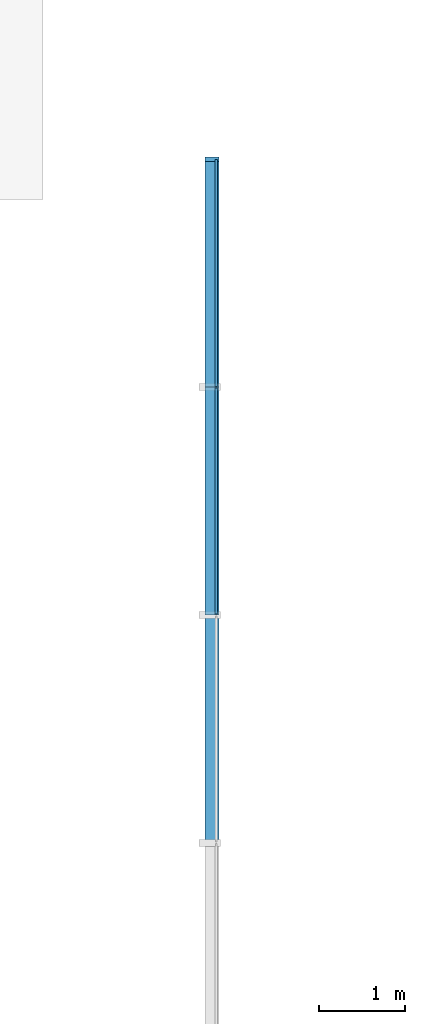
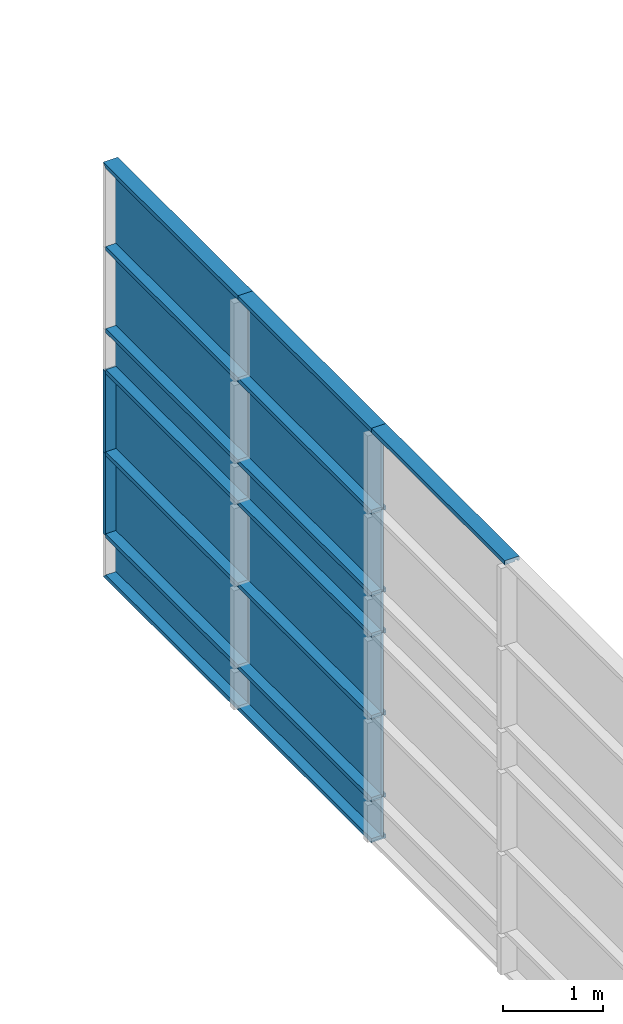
# One storey, part 3 of 19: 29 building element parts, 1 element without a shape of its own.
"""IFC4 building model written with IfcOpenShell, lengths in millimetres."""

from ifc_helpers import new_model, entity, si_unit, converted_unit, derived_unit, direction, frame, origin_with_axes, place, context, subcontext, project, spatial, triangles, material, element, aggregate, save


model = new_model("IFC4")

# Units and contexts
model_context = context("Model", 3, precision=1e-05, world=origin_with_axes(), true_north=direction((0.0, 1.0)))
body_context = subcontext(model_context, "Body", "Model", "MODEL_VIEW")
ifc_project = project(units=[si_unit("LENGTHUNIT", "METRE", prefix="MILLI"), si_unit("AREAUNIT", "SQUARE_METRE"), si_unit("VOLUMEUNIT", "CUBIC_METRE"), converted_unit("PLANEANGLEUNIT", "DEGREE", entity("IfcLengthMeasure", 0.017453), si_unit("PLANEANGLEUNIT", "RADIAN"), dimensions=[0, 0, 0, 0, 0, 0, 0]), si_unit("SOLIDANGLEUNIT", "STERADIAN"), si_unit("MASSUNIT", "GRAM"), si_unit("TIMEUNIT", "SECOND"), si_unit("THERMODYNAMICTEMPERATUREUNIT", "DEGREE_CELSIUS"), si_unit("LUMINOUSINTENSITYUNIT", "LUMEN"), si_unit("POWERUNIT", "WATT"), derived_unit("THERMALTRANSMITTANCEUNIT", [(si_unit("POWERUNIT", "WATT"), 1), (si_unit("THERMODYNAMICTEMPERATUREUNIT", "KELVIN"), -1), (si_unit("AREAUNIT", "SQUARE_METRE"), -1)])], contexts=[model_context])

# Site, building, storey
site_placement = place(None, origin_with_axes())
site = spatial("IfcSite", under=ifc_project, at=site_placement, Name="Default Site", CompositionType="ELEMENT")
building_placement = place(site_placement, origin_with_axes())
building = spatial("IfcBuilding", under=site, at=building_placement, Name="Default Building", CompositionType="ELEMENT")
storey_placement = place(building_placement, frame((0.0, 0.0, 3000.0), z_axis=(0.0, 0.0, 1.0), x_axis=(1.0, 0.0, 0.0)))
storey = spatial("IfcBuildingStorey", under=building, at=storey_placement, Name="EG - Story", CompositionType="ELEMENT", Elevation=3000.0)

# Curtain wall, building element parts
curtain_wall_placement = place(storey_placement, origin_with_axes())
curtain_wall = element("IfcCurtainWall", 1, at=curtain_wall_placement, inside=storey, Name="Fassade-013", PredefinedType="NOTDEFINED")
ifc_material_1 = material(Name="Normalglas")
building_element_part_1_placement = place(curtain_wall_placement, frame((51421.391327, -49908.012838, 0.0), z_axis=(0.0, 0.0, 1.0), x_axis=(1.0, 0.0, 0.0)))
building_element_part_1 = element("IfcBuildingElementPart", 2, at=building_element_part_1_placement, material=ifc_material_1, Name="Normalglas", PredefinedType="NOTDEFINED", context=body_context, shape_type="Tessellation", body=[
    triangles([(-14.999, 6646.25, 495.0), (-14.999, 4003.75, 495.0), (15.0, 4003.75, 495.0), (15.0, 6646.25, 495.0), (-14.999, 6646.25, 5.0), (-14.999, 4003.75, 5.0), (15.0, 4003.75, 5.0), (15.0, 6646.25, 5.0)], [[1, 2, 3], [1, 3, 4], [1, 5, 6], [1, 6, 2], [2, 6, 7], [2, 7, 3], [4, 3, 7], [4, 7, 8], [5, 1, 4], [5, 4, 8], [6, 5, 8], [6, 8, 7]], closed=False),
])
building_element_part_2_placement = place(curtain_wall_placement, frame((51421.391327, -49908.012838, 0.0), z_axis=(0.0, 0.0, 1.0), x_axis=(1.0, 0.0, 0.0)))
building_element_part_2 = element("IfcBuildingElementPart", 3, at=building_element_part_2_placement, material=ifc_material_1, Name="Normalglas", PredefinedType="NOTDEFINED", context=body_context, shape_type="Tessellation", body=[
    triangles([(-14.999, 9313.75, 495.0), (-14.999, 6666.25, 495.0), (15.0, 6666.25, 495.0), (15.0, 9313.75, 495.0), (-14.999, 9313.75, 5.0), (-14.999, 6666.25, 5.0), (15.0, 6666.25, 5.0), (15.0, 9313.75, 5.0)], [[1, 2, 3], [1, 3, 4], [1, 5, 6], [1, 6, 2], [2, 6, 7], [2, 7, 3], [4, 3, 7], [4, 7, 8], [5, 1, 4], [5, 4, 8], [6, 5, 8], [6, 8, 7]], closed=False),
])
building_element_part_3_placement = place(curtain_wall_placement, frame((51421.391327, -49908.012838, 0.0), z_axis=(0.0, 0.0, 1.0), x_axis=(1.0, 0.0, 0.0)))
building_element_part_3 = element("IfcBuildingElementPart", 4, at=building_element_part_3_placement, material=ifc_material_1, Name="Normalglas", PredefinedType="NOTDEFINED", context=body_context, shape_type="Tessellation", body=[
    triangles([(-14.999, 6646.25, 1495.0), (-14.999, 4003.75, 1495.0), (15.0, 4003.75, 1495.0), (15.0, 6646.25, 1495.0), (-14.999, 6646.25, 505.0), (-14.999, 4003.75, 505.0), (15.0, 4003.75, 505.0), (15.0, 6646.25, 505.0)], [[1, 2, 3], [1, 3, 4], [1, 5, 6], [1, 6, 2], [2, 6, 7], [2, 7, 3], [4, 3, 7], [4, 7, 8], [5, 1, 4], [5, 4, 8], [6, 5, 8], [6, 8, 7]], closed=False),
])
building_element_part_4_placement = place(curtain_wall_placement, frame((51421.391327, -49908.012838, 0.0), z_axis=(0.0, 0.0, 1.0), x_axis=(1.0, 0.0, 0.0)))
building_element_part_4 = element("IfcBuildingElementPart", 5, at=building_element_part_4_placement, material=ifc_material_1, Name="Normalglas", PredefinedType="NOTDEFINED", context=body_context, shape_type="Tessellation", body=[
    triangles([(-14.999, 9313.75, 1495.0), (-14.999, 6666.25, 1495.0), (15.0, 6666.25, 1495.0), (15.0, 9313.75, 1495.0), (-14.999, 9313.75, 505.0), (-14.999, 6666.25, 505.0), (15.0, 6666.25, 505.0), (15.0, 9313.75, 505.0)], [[1, 2, 3], [1, 3, 4], [1, 5, 6], [1, 6, 2], [2, 6, 7], [2, 7, 3], [4, 3, 7], [4, 7, 8], [5, 1, 4], [5, 4, 8], [6, 5, 8], [6, 8, 7]], closed=False),
])
building_element_part_5_placement = place(curtain_wall_placement, frame((51421.391327, -49908.012838, 0.0), z_axis=(0.0, 0.0, 1.0), x_axis=(1.0, 0.0, 0.0)))
building_element_part_5 = element("IfcBuildingElementPart", 6, at=building_element_part_5_placement, material=ifc_material_1, Name="Normalglas", PredefinedType="NOTDEFINED", context=body_context, shape_type="Tessellation", body=[
    triangles([(-14.999, 6646.25, 2495.0), (-14.999, 4003.75, 2495.0), (15.0, 4003.75, 2495.0), (15.0, 6646.25, 2495.0), (-14.999, 6646.25, 1505.0), (-14.999, 4003.75, 1505.0), (15.0, 4003.75, 1505.0), (15.0, 6646.25, 1505.0)], [[1, 2, 3], [1, 3, 4], [1, 5, 6], [1, 6, 2], [2, 6, 7], [2, 7, 3], [4, 3, 7], [4, 7, 8], [5, 1, 4], [5, 4, 8], [6, 5, 8], [6, 8, 7]], closed=False),
])
building_element_part_6_placement = place(curtain_wall_placement, frame((51421.391327, -49908.012838, 0.0), z_axis=(0.0, 0.0, 1.0), x_axis=(1.0, 0.0, 0.0)))
building_element_part_6 = element("IfcBuildingElementPart", 7, at=building_element_part_6_placement, material=ifc_material_1, Name="Normalglas", PredefinedType="NOTDEFINED", context=body_context, shape_type="Tessellation", body=[
    triangles([(-14.999, 9313.75, 2495.0), (-14.999, 6666.25, 2495.0), (15.0, 6666.25, 2495.0), (15.0, 9313.75, 2495.0), (-14.999, 9313.75, 1505.0), (-14.999, 6666.25, 1505.0), (15.0, 6666.25, 1505.0), (15.0, 9313.75, 1505.0)], [[1, 2, 3], [1, 3, 4], [1, 5, 6], [1, 6, 2], [2, 6, 7], [2, 7, 3], [4, 3, 7], [4, 7, 8], [5, 1, 4], [5, 4, 8], [6, 5, 8], [6, 8, 7]], closed=False),
])
building_element_part_7_placement = place(curtain_wall_placement, frame((51421.391327, -49908.012838, 0.0), z_axis=(0.0, 0.0, 1.0), x_axis=(1.0, 0.0, 0.0)))
building_element_part_7 = element("IfcBuildingElementPart", 8, at=building_element_part_7_placement, material=ifc_material_1, Name="Normalglas", PredefinedType="NOTDEFINED", context=body_context, shape_type="Tessellation", body=[
    triangles([(-14.999, 6646.25, 2995.0), (-14.999, 4003.75, 2995.0), (15.0, 4003.75, 2995.0), (15.0, 6646.25, 2995.0), (-14.999, 6646.25, 2505.0), (-14.999, 4003.75, 2505.0), (15.0, 4003.75, 2505.0), (15.0, 6646.25, 2505.0)], [[1, 2, 3], [1, 3, 4], [1, 5, 6], [1, 6, 2], [2, 6, 7], [2, 7, 3], [4, 3, 7], [4, 7, 8], [5, 1, 4], [5, 4, 8], [6, 5, 8], [6, 8, 7]], closed=False),
])
building_element_part_8_placement = place(curtain_wall_placement, frame((51421.391327, -49908.012838, 0.0), z_axis=(0.0, 0.0, 1.0), x_axis=(1.0, 0.0, 0.0)))
building_element_part_8 = element("IfcBuildingElementPart", 9, at=building_element_part_8_placement, material=ifc_material_1, Name="Normalglas", PredefinedType="NOTDEFINED", context=body_context, shape_type="Tessellation", body=[
    triangles([(-14.999, 9313.75, 2995.0), (-14.999, 6666.25, 2995.0), (15.0, 6666.25, 2995.0), (15.0, 9313.75, 2995.0), (-14.999, 9313.75, 2505.0), (-14.999, 6666.25, 2505.0), (15.0, 6666.25, 2505.0), (15.0, 9313.75, 2505.0)], [[1, 2, 3], [1, 3, 4], [1, 5, 6], [1, 6, 2], [2, 6, 7], [2, 7, 3], [4, 3, 7], [4, 7, 8], [5, 1, 4], [5, 4, 8], [6, 5, 8], [6, 8, 7]], closed=False),
])
building_element_part_9_placement = place(curtain_wall_placement, frame((51421.391327, -49908.012838, 0.0), z_axis=(0.0, 0.0, 1.0), x_axis=(1.0, 0.0, 0.0)))
building_element_part_9 = element("IfcBuildingElementPart", 10, at=building_element_part_9_placement, material=ifc_material_1, Name="Normalglas", PredefinedType="NOTDEFINED", context=body_context, shape_type="Tessellation", body=[
    triangles([(-14.999, 6646.25, 3995.0), (-14.999, 4003.75, 3995.0), (15.0, 4003.75, 3995.0), (15.0, 6646.25, 3995.0), (-14.999, 6646.25, 3005.0), (-14.999, 4003.75, 3005.0), (15.0, 4003.75, 3005.0), (15.0, 6646.25, 3005.0)], [[1, 2, 3], [1, 3, 4], [1, 5, 6], [1, 6, 2], [2, 6, 7], [2, 7, 3], [4, 3, 7], [4, 7, 8], [5, 1, 4], [5, 4, 8], [6, 5, 8], [6, 8, 7]], closed=False),
])
building_element_part_10_placement = place(curtain_wall_placement, frame((51421.391327, -49908.012838, 0.0), z_axis=(0.0, 0.0, 1.0), x_axis=(1.0, 0.0, 0.0)))
building_element_part_10 = element("IfcBuildingElementPart", 11, at=building_element_part_10_placement, material=ifc_material_1, Name="Normalglas", PredefinedType="NOTDEFINED", context=body_context, shape_type="Tessellation", body=[
    triangles([(-14.999, 9313.75, 3995.0), (-14.999, 6666.25, 3995.0), (15.0, 6666.25, 3995.0), (15.0, 9313.75, 3995.0), (-14.999, 9313.75, 3005.0), (-14.999, 6666.25, 3005.0), (15.0, 6666.25, 3005.0), (15.0, 9313.75, 3005.0)], [[1, 2, 3], [1, 3, 4], [1, 5, 6], [1, 6, 2], [2, 6, 7], [2, 7, 3], [4, 3, 7], [4, 7, 8], [5, 1, 4], [5, 4, 8], [6, 5, 8], [6, 8, 7]], closed=False),
])
building_element_part_11_placement = place(curtain_wall_placement, frame((51421.391327, -49908.012838, 0.0), z_axis=(0.0, 0.0, 1.0), x_axis=(1.0, 0.0, 0.0)))
building_element_part_11 = element("IfcBuildingElementPart", 12, at=building_element_part_11_placement, material=ifc_material_1, Name="Normalglas", PredefinedType="NOTDEFINED", context=body_context, shape_type="Tessellation", body=[
    triangles([(-14.999, 6646.25, 4995.0), (-14.999, 4003.75, 4995.0), (15.0, 4003.75, 4995.0), (15.0, 6646.25, 4995.0), (-14.999, 6646.25, 4005.0), (-14.999, 4003.75, 4005.0), (15.0, 4003.75, 4005.0), (15.0, 6646.25, 4005.0)], [[1, 2, 3], [1, 3, 4], [1, 5, 6], [1, 6, 2], [2, 6, 7], [2, 7, 3], [4, 3, 7], [4, 7, 8], [5, 1, 4], [5, 4, 8], [6, 5, 8], [6, 8, 7]], closed=False),
])
building_element_part_12_placement = place(curtain_wall_placement, frame((51421.391327, -49908.012838, 0.0), z_axis=(0.0, 0.0, 1.0), x_axis=(1.0, 0.0, 0.0)))
building_element_part_12 = element("IfcBuildingElementPart", 13, at=building_element_part_12_placement, material=ifc_material_1, Name="Normalglas", PredefinedType="NOTDEFINED", context=body_context, shape_type="Tessellation", body=[
    triangles([(-14.999, 9313.75, 4995.0), (-14.999, 6666.25, 4995.0), (15.0, 6666.25, 4995.0), (15.0, 9313.75, 4995.0), (-14.999, 9313.75, 4005.0), (-14.999, 6666.25, 4005.0), (15.0, 6666.25, 4005.0), (15.0, 9313.75, 4005.0)], [[1, 2, 3], [1, 3, 4], [1, 5, 6], [1, 6, 2], [2, 6, 7], [2, 7, 3], [4, 3, 7], [4, 7, 8], [5, 1, 4], [5, 4, 8], [6, 5, 8], [6, 8, 7]], closed=False),
])
ifc_material_2 = material(Name="Blech")
building_element_part_13_placement = place(curtain_wall_placement, frame((51421.391327, -49908.012838, 0.0), z_axis=(0.0, 0.0, 1.0), x_axis=(1.0, 0.0, 0.0)))
building_element_part_13 = element("IfcBuildingElementPart", 14, at=building_element_part_13_placement, material=ifc_material_2, Name="Blech", PredefinedType="NOTDEFINED", context=body_context, shape_type="Tessellation", body=[
    triangles([(15.0, 6656.25, 5.0), (-14.999, 6656.25, 5.0), (-132.999, 6656.25, -24.999), (35.0, 6656.25, -24.999), (35.0, 6656.25, 25.0), (15.0, 6656.25, 25.0), (-132.999, 6656.25, 25.0), (-14.999, 6656.25, 25.0), (-14.999, 3993.75, 5.0), (15.0, 3993.75, 5.0), (15.0, 3993.75, 25.0), (35.0, 3993.75, 25.0), (35.0, 3993.75, -24.999), (-132.999, 3993.75, -24.999), (-132.999, 3993.75, 25.0), (-14.999, 3993.75, 25.0)], [[1, 2, 3], [1, 3, 4], [1, 4, 5], [1, 5, 6], [7, 3, 2], [7, 2, 8], [1, 2, 9], [1, 9, 10], [11, 6, 1], [11, 1, 10], [6, 11, 12], [6, 12, 5], [13, 4, 5], [13, 5, 12], [14, 3, 4], [14, 4, 13], [15, 7, 3], [15, 3, 14], [16, 8, 7], [16, 7, 15], [2, 8, 16], [2, 16, 9], [16, 15, 9], [9, 15, 14], [9, 14, 10], [10, 14, 13], [10, 13, 12], [10, 12, 11]], closed=False),
])
building_element_part_14_placement = place(curtain_wall_placement, frame((51421.391327, -49908.012838, 0.0), z_axis=(0.0, 0.0, 1.0), x_axis=(1.0, 0.0, 0.0)))
building_element_part_14 = element("IfcBuildingElementPart", 15, at=building_element_part_14_placement, material=ifc_material_2, Name="Blech", PredefinedType="NOTDEFINED", context=body_context, shape_type="Tessellation", body=[
    triangles([(15.0, 9313.75, 5.0), (-14.999, 9313.75, 5.0), (-132.999, 9343.75, -24.999), (35.0, 9343.75, -24.999), (35.0, 9293.75, 25.0), (15.0, 9293.75, 25.0), (-132.999, 9293.75, 25.0), (-14.999, 9293.75, 25.0), (-14.999, 6656.25, 5.0), (15.0, 6656.25, 5.0), (15.0, 6656.25, 25.0), (35.0, 6656.25, 25.0), (35.0, 6656.25, -24.999), (-132.999, 6656.25, -24.999), (-132.999, 6656.25, 25.0), (-14.999, 6656.25, 25.0)], [[1, 2, 3], [1, 3, 4], [1, 4, 5], [1, 5, 6], [7, 3, 2], [7, 2, 8], [1, 2, 9], [1, 9, 10], [11, 6, 1], [11, 1, 10], [6, 11, 12], [6, 12, 5], [13, 4, 5], [13, 5, 12], [14, 3, 4], [14, 4, 13], [15, 7, 3], [15, 3, 14], [16, 8, 7], [16, 7, 15], [2, 8, 16], [2, 16, 9], [16, 15, 9], [9, 15, 14], [9, 14, 10], [10, 14, 13], [10, 13, 12], [10, 12, 11]], closed=False),
])
building_element_part_15_placement = place(curtain_wall_placement, frame((51421.391327, -49908.012838, 0.0), z_axis=(0.0, 0.0, 1.0), x_axis=(1.0, 0.0, 0.0)))
building_element_part_15 = element("IfcBuildingElementPart", 16, at=building_element_part_15_placement, material=ifc_material_2, Name="Blech", PredefinedType="NOTDEFINED", context=body_context, shape_type="Tessellation", body=[
    triangles([(15.0, 6656.25, 525.0), (35.0, 6656.25, 525.0), (15.0, 6656.25, 505.0), (15.0, 6656.25, 495.0), (-14.999, 6656.25, 505.0), (-132.999, 6656.25, 525.0), (-14.999, 6656.25, 525.0), (35.0, 6656.25, 475.0), (15.0, 6656.25, 475.0), (-14.999, 6656.25, 495.0), (-14.999, 6656.25, 475.0), (-132.999, 6656.25, 475.0), (-14.999, 3993.75, 495.0), (-14.999, 3993.75, 475.0), (-132.999, 3993.75, 475.0), (-132.999, 3993.75, 525.0), (-14.999, 3993.75, 525.0), (-14.999, 3993.75, 505.0), (15.0, 3993.75, 505.0), (15.0, 3993.75, 525.0), (35.0, 3993.75, 525.0), (35.0, 3993.75, 475.0), (15.0, 3993.75, 475.0), (15.0, 3993.75, 495.0)], [[1, 2, 3], [3, 2, 4], [3, 4, 5], [5, 4, 6], [5, 6, 7], [8, 9, 4], [8, 4, 2], [6, 4, 10], [6, 10, 11], [6, 11, 12], [11, 10, 13], [11, 13, 14], [11, 14, 15], [11, 15, 12], [6, 12, 15], [6, 15, 16], [7, 6, 16], [7, 16, 17], [7, 17, 18], [7, 18, 5], [5, 18, 19], [5, 19, 3], [1, 3, 19], [1, 19, 20], [20, 21, 2], [20, 2, 1], [8, 2, 21], [8, 21, 22], [23, 9, 8], [23, 8, 22], [4, 9, 23], [4, 23, 24], [10, 4, 24], [10, 24, 13], [17, 16, 18], [18, 16, 13], [18, 13, 19], [19, 13, 24], [19, 24, 21], [21, 24, 23], [21, 23, 22], [15, 14, 13], [15, 13, 16], [19, 21, 20]], closed=False),
])
building_element_part_16_placement = place(curtain_wall_placement, frame((51421.391327, -49908.012838, 0.0), z_axis=(0.0, 0.0, 1.0), x_axis=(1.0, 0.0, 0.0)))
building_element_part_16 = element("IfcBuildingElementPart", 17, at=building_element_part_16_placement, material=ifc_material_2, Name="Blech", PredefinedType="NOTDEFINED", context=body_context, shape_type="Tessellation", body=[
    triangles([(15.0, 9293.75, 525.0), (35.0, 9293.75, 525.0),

________________

TASK TO COMPLETE: Go line by line through the data, copying each one that contains the word "direction".

YOUR SOLUTION:
from ifc_helpers import new_model, entity, si_unit, converted_unit, derived_unit, direction, frame, origin_with_axes, place, context, subcontext, project, spatial, triangles, material, element, aggregate, save
model_context = context("Model", 3, precision=1e-05, world=origin_with_axes(), true_north=direction((0.0, 1.0)))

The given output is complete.